A closer look at notable investments reveals stark losses: Suning invested in a finance company, which recorded massive losses, prompting a valuation drop and the recognition of asset impairment reserves amounting to approximately 8.618 billion yuan. Another significant stake held by Suning was with Hengxing, a company co-established with Evergrande, which subsequently floundered, costing Suning an investment loss of 10.285 billion yuan. Alone, these two losses exceeded 19 billion yuan. Adding further losses from investments in other ventures like Tian Tian Express and Carrefour China easily surpasses 20 billion yuan.

Ultimately, the prior reckless expansion translated into tangible financial distress for Suning.com.

The question arises: can ST Suning overcome these challenges? Suning.com remains one of the most important sectors of Suning Group. Despite once boasting a market cap exceeding 100 billion yuan, the company faces delisting warnings as of May 6, 2022, denoting its fall to ST status (Special Treatment). Yet, this development might not be entirely dire.

The loss of 43.2 billion yuan in 2021 is indeed stark; however, much of it stems from impairment charges and investment losses related to earlier misguided investments rather than an actual cash loss. Following this 'cleanup', Suning.com may face future financial assessments with greater clarity and potential recovery.
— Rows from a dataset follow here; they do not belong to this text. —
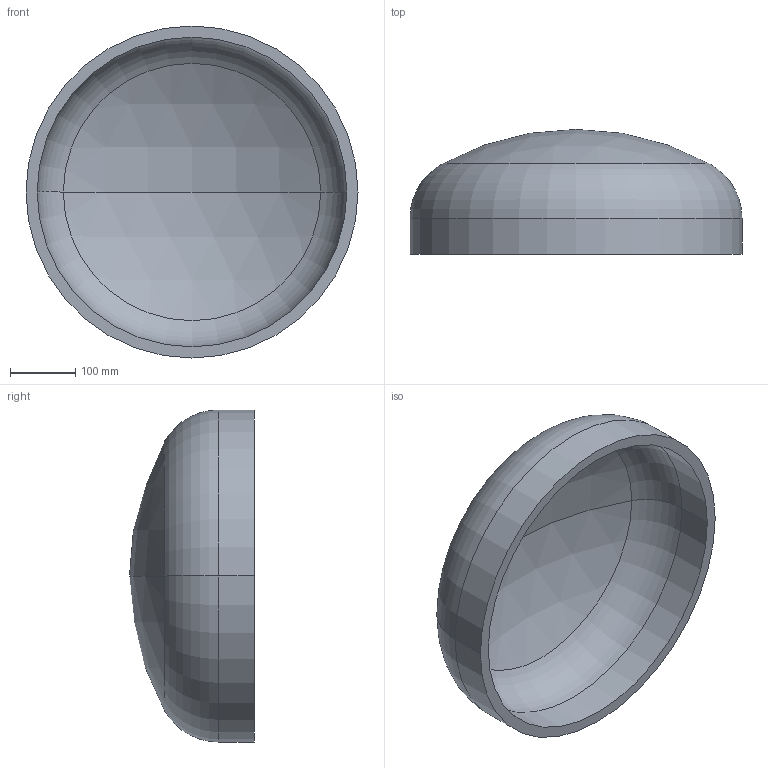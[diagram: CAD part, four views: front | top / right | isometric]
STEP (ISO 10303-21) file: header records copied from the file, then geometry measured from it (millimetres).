
FILE_DESCRIPTION (( 'STEP AP203' ), '1' );
FILE_NAME ('DIN 28013 Korbbogenform_-_Boden DIN 28013 - 508 x 55 - I - s=17.step', '2016-07-01T07:52:49', ( '' ), ( '' ), 'SwSTEP 2.0', 'SolidWorks 2013', '' );
FILE_SCHEMA (( 'CONFIG_CONTROL_DESIGN' ));
Length unit declared in the file: millimetre
Products named in the file (1): DIN 28013 Korbbogenform_-_Boden DIN 28013 - 508 x 55 - I - s=17
Bounding box: 508 x 191.12 x 508 mm (x, y, z)
Volume: 6008397.4 mm3; surface area: 733698.2 mm2
Topology: 1 solids, 1 shells, 13 faces, 24 edges, 14 vertices
Faces by surface type: torus 4, cylinder 4, sphere 4, plane 1
Entity records: 407 total; most frequent: DIRECTION 72, CARTESIAN_POINT 52, ORIENTED_EDGE 48, AXIS2_PLACEMENT_3D 34, EDGE_CURVE 24, CIRCLE 20, EDGE_LOOP 14, VERTEX_POINT 14
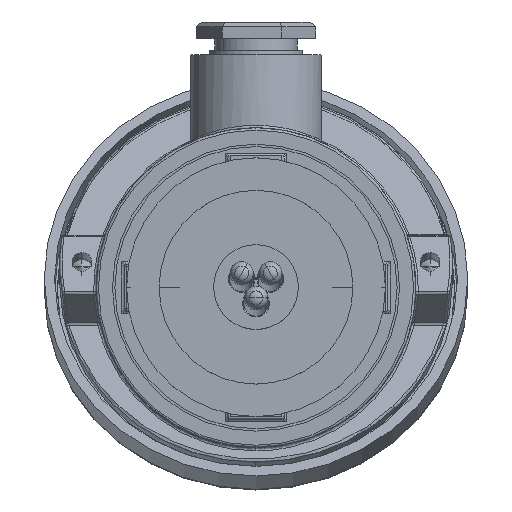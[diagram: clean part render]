
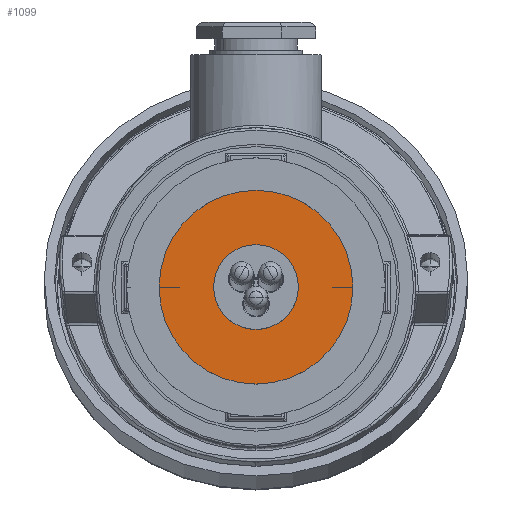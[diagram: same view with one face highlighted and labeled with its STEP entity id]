
A CAD part, top view. The second image highlights one B-rep face of the part: STEP entity #1099.
In plain terms, the highlighted planar face has unit normal (0, 0, 1) as drawn and (0, -1, 0) by its records, which use the part's own axes.
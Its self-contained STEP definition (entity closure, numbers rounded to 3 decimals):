
#209 = DIRECTION ( 'NONE',  ( 0., 1., 0. ) ) ;
#480 = CARTESIAN_POINT ( 'NONE',  ( 0., 17.8, 0. ) ) ;
#981 = CARTESIAN_POINT ( 'NONE',  ( -9., 17.8, 0. ) ) ;
#1099 = ADVANCED_FACE ( 'NONE', ( #6320, #1267 ), #21285, .F. ) ;
#1145 = CARTESIAN_POINT ( 'NONE',  ( 0., 17.8, 0. ) ) ;
#1267 = FACE_BOUND ( 'NONE', #6605, .T. ) ;
#1628 = CIRCLE ( 'NONE', #3266, 9. ) ;
#2117 = CARTESIAN_POINT ( 'NONE',  ( 9., 17.8, 0. ) ) ;
#2385 = DIRECTION ( 'NONE',  ( -1., 0., 0. ) ) ;
#2400 = EDGE_LOOP ( 'NONE', ( #4777, #5684 ) ) ;
#2493 = CIRCLE ( 'NONE', #23216, 9. ) ;
#3064 = DIRECTION ( 'NONE',  ( -1., 0., 0. ) ) ;
#3266 = AXIS2_PLACEMENT_3D ( 'NONE', #11586, #209, #13524 ) ;
#3577 = VERTEX_POINT ( 'NONE', #22198 ) ;
#4777 = ORIENTED_EDGE ( 'NONE', *, *, #21846, .F. ) ;
#5684 = ORIENTED_EDGE ( 'NONE', *, *, #13787, .F. ) ;
#6320 = FACE_OUTER_BOUND ( 'NONE', #2400, .T. ) ;
#6605 = EDGE_LOOP ( 'NONE', ( #17024, #24330 ) ) ;
#6894 = DIRECTION ( 'NONE',  ( 0., 1., 0. ) ) ;
#6952 = EDGE_CURVE ( 'NONE', #17847, #10735, #1628, .T. ) ;
#8399 = AXIS2_PLACEMENT_3D ( 'NONE', #2117, #23126, #9690 ) ;
#8735 = CIRCLE ( 'NONE', #12744, 20.6 ) ;
#9690 = DIRECTION ( 'NONE',  ( -1., 0., 0. ) ) ;
#10582 = VERTEX_POINT ( 'NONE', #23565 ) ;
#10735 = VERTEX_POINT ( 'NONE', #981 ) ;
#11586 = CARTESIAN_POINT ( 'NONE',  ( 0., 17.8, 0. ) ) ;
#12616 = CIRCLE ( 'NONE', #24494, 20.6 ) ;
#12744 = AXIS2_PLACEMENT_3D ( 'NONE', #480, #13795, #2385 ) ;
#13524 = DIRECTION ( 'NONE',  ( -1., 0., 0. ) ) ;
#13787 = EDGE_CURVE ( 'NONE', #10582, #3577, #8735, .T. ) ;
#13795 = DIRECTION ( 'NONE',  ( 0., 1., 0. ) ) ;
#14472 = DIRECTION ( 'NONE',  ( 0., 1., 0. ) ) ;
#16899 = CARTESIAN_POINT ( 'NONE',  ( 9., 17.8, 0. ) ) ;
#17024 = ORIENTED_EDGE ( 'NONE', *, *, #21842, .T. ) ;
#17847 = VERTEX_POINT ( 'NONE', #16899 ) ;
#18349 = CARTESIAN_POINT ( 'NONE',  ( 0., 17.8, 0. ) ) ;
#20283 = DIRECTION ( 'NONE',  ( -1., 0., 0. ) ) ;
#21285 = PLANE ( 'NONE',  #8399 ) ;
#21842 = EDGE_CURVE ( 'NONE', #10735, #17847, #2493, .T. ) ;
#21846 = EDGE_CURVE ( 'NONE', #3577, #10582, #12616, .T. ) ;
#22198 = CARTESIAN_POINT ( 'NONE',  ( -20.6, 17.8, 0. ) ) ;
#23126 = DIRECTION ( 'NONE',  ( 0., 1., 0. ) ) ;
#23216 = AXIS2_PLACEMENT_3D ( 'NONE', #1145, #14472, #3064 ) ;
#23565 = CARTESIAN_POINT ( 'NONE',  ( 20.6, 17.8, 0. ) ) ;
#24330 = ORIENTED_EDGE ( 'NONE', *, *, #6952, .T. ) ;
#24494 = AXIS2_PLACEMENT_3D ( 'NONE', #18349, #6894, #20283 ) ;
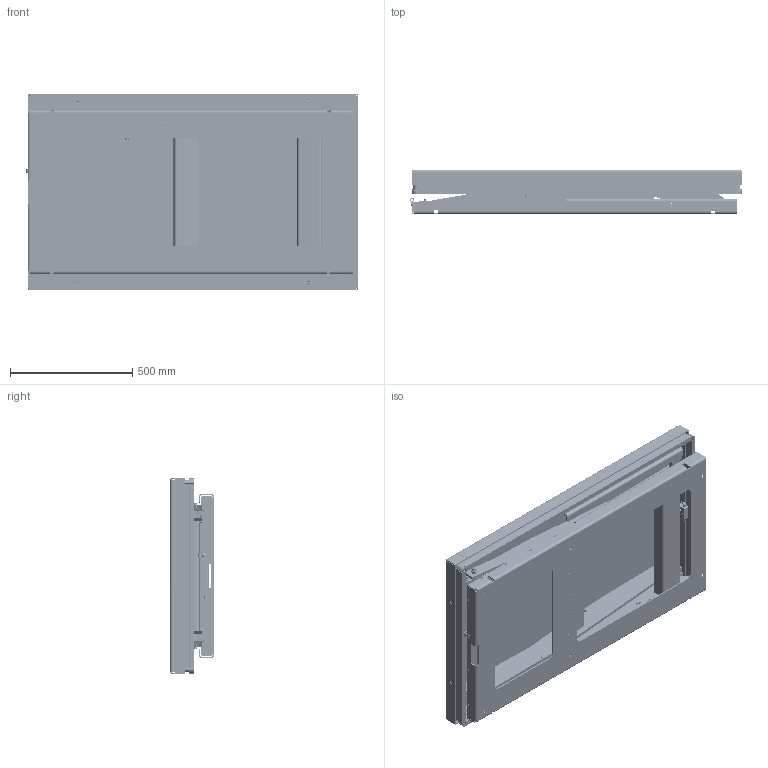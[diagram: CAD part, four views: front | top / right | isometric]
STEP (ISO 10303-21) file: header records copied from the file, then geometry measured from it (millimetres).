
FILE_DESCRIPTION(/* description */ ('TL 1000H'),/* implementation_level */ '2;1');
FILE_NAME(/* name */ 'C:\Autodesk_VaultWork\Ritningar\Exporterade modeller\TL 1000H - (613230)\613230_closed_height.stp',/* time_stamp */ '2018-03-20T14:26:32+01:00',/* author */ ('HANVI'),/* organization */ (''),/* preprocessor_version */ 'ST-DEVELOPER v16.5',/* originating_system */ 'Autodesk Inventor 2017',/* authorisation */ '');
FILE_SCHEMA (('AUTOMOTIVE_DESIGN { 1 0 10303 214 3 1 1 }'));
Products named in the file (75): 613230; 613263; 613264; 613273; 613261; 613277; 83212; 42394; 613262; 613274; 613265; 42289-1305; 42289-755; 43481; 42330; 33990; 33991; 44283; 44280; 44279; Compression-Spring-SF-TF1272-SS1774-04-Lesjofors-STEP; ISO 7089 - 5 - 140 HV; 84253; 44281; 44281-1; ISO 2009 - M4 x 12; 84076; 83928; 44277; 44278; 33992; ISO 7380 - M4 x 10; 611843; 83552; 83207; 85799; 85232; 85240; 84088; 43998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
Assembly tree (142 placements, depth 5):
  613230
    613263
      613264
      613273
    613261
      613277  x2
      83212  x4
      42394  x2
      613262
      613274
    613265
      42289-1305  x2
      42289-755  x2
      43481  x4
      42330  x4
      33990  x2
        33991
        44283
        44280
        44279
        Compression-Spring-SF-TF1272-SS1774-04-Lesjofors-STEP
        ISO 7089 - 5 - 140 HV
        84253
        44281
          44281-1
          ISO 2009 - M4 x 12
        84076
        83928
        44277
        44278
        33992
        ISO 7380 - M4 x 10
      611843  x4
      83552  x4
    83207  x4
    85799
    85232
    85240  x2
    84088
    43998
      44721-1
      44721-2
    32707-10  x2
    32708  x2
    84400  x2
    33269  x2
    36604  x2
    84210  x2
    83245  x2
    84006  x2
    605342  x2
    613266
      613267
        - 446
        613271  x2
        44457  x2
        82536 - 514
        613278
      613268
        82154 - 530
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Bounding box: 1356.59 x 180 x 800.2 mm (x, y, z)
Volume: 21365240.6 mm3; surface area: 7967121.1 mm2
Topology: 156 solids, 156 shells, 5687 faces, 14679 edges, 9457 vertices
Faces by surface type: plane 2863, cylinder 1568, cone 583, bspline 406, torus 258, sphere 9
Full cylindrical faces by diameter (mm): 0.474 x2, 1 x4, 2.3 x4, 3 x4, 3.141 x4, 3.2 x4, 3.242 x4, 4 x14, 4.3 x4, 4.445 x4, 4.7 x32, 4.9 x2, 4.917 x1, 5 x4, 5.1 x8, 5.156 x4, 5.2 x6, 5.3 x4, 5.6 x8, 5.969 x4, 6 x21, 6.4 x2, 6.6 x8, 6.647 x4, 6.7 x5, 6.8 x6, 7.4 x2, 7.6 x4, 8 x10, 8.5 x4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
Entity records: 89965 total; most frequent: CARTESIAN_POINT 22286, DIRECTION 13648, ORIENTED_EDGE 13350, EDGE_CURVE 6674, AXIS2_PLACEMENT_3D 4763, VERTEX_POINT 4421, LINE 4122, VECTOR 4122

Alongside the annual report, the company also provided insights into the first quarter's performance for 2022. The company reported a loss of 1.028 billion yuan. While the losses have yet to be fully curtailed, the decline in losses compared to the previous quarter presents a favorable indicator. Furthermore, the EBITDA for the first quarter of 2022 stood at 260 million yuan, marking a significant milestone as the company achieved positive earnings for the first time in multiple quarters. This suggests a gradual return to operational stability.

In the 2021 annual report, Suning outlined their 2022 development outlook across four pages, emphasizing the objective of achieving profitability in the home appliance and consumer electronics sector—an area rooted in the company’s legacy and arguably its core business. Success in this domain could spark a transformational rejuvenation for the group, specially as they reported profitability for the month of March.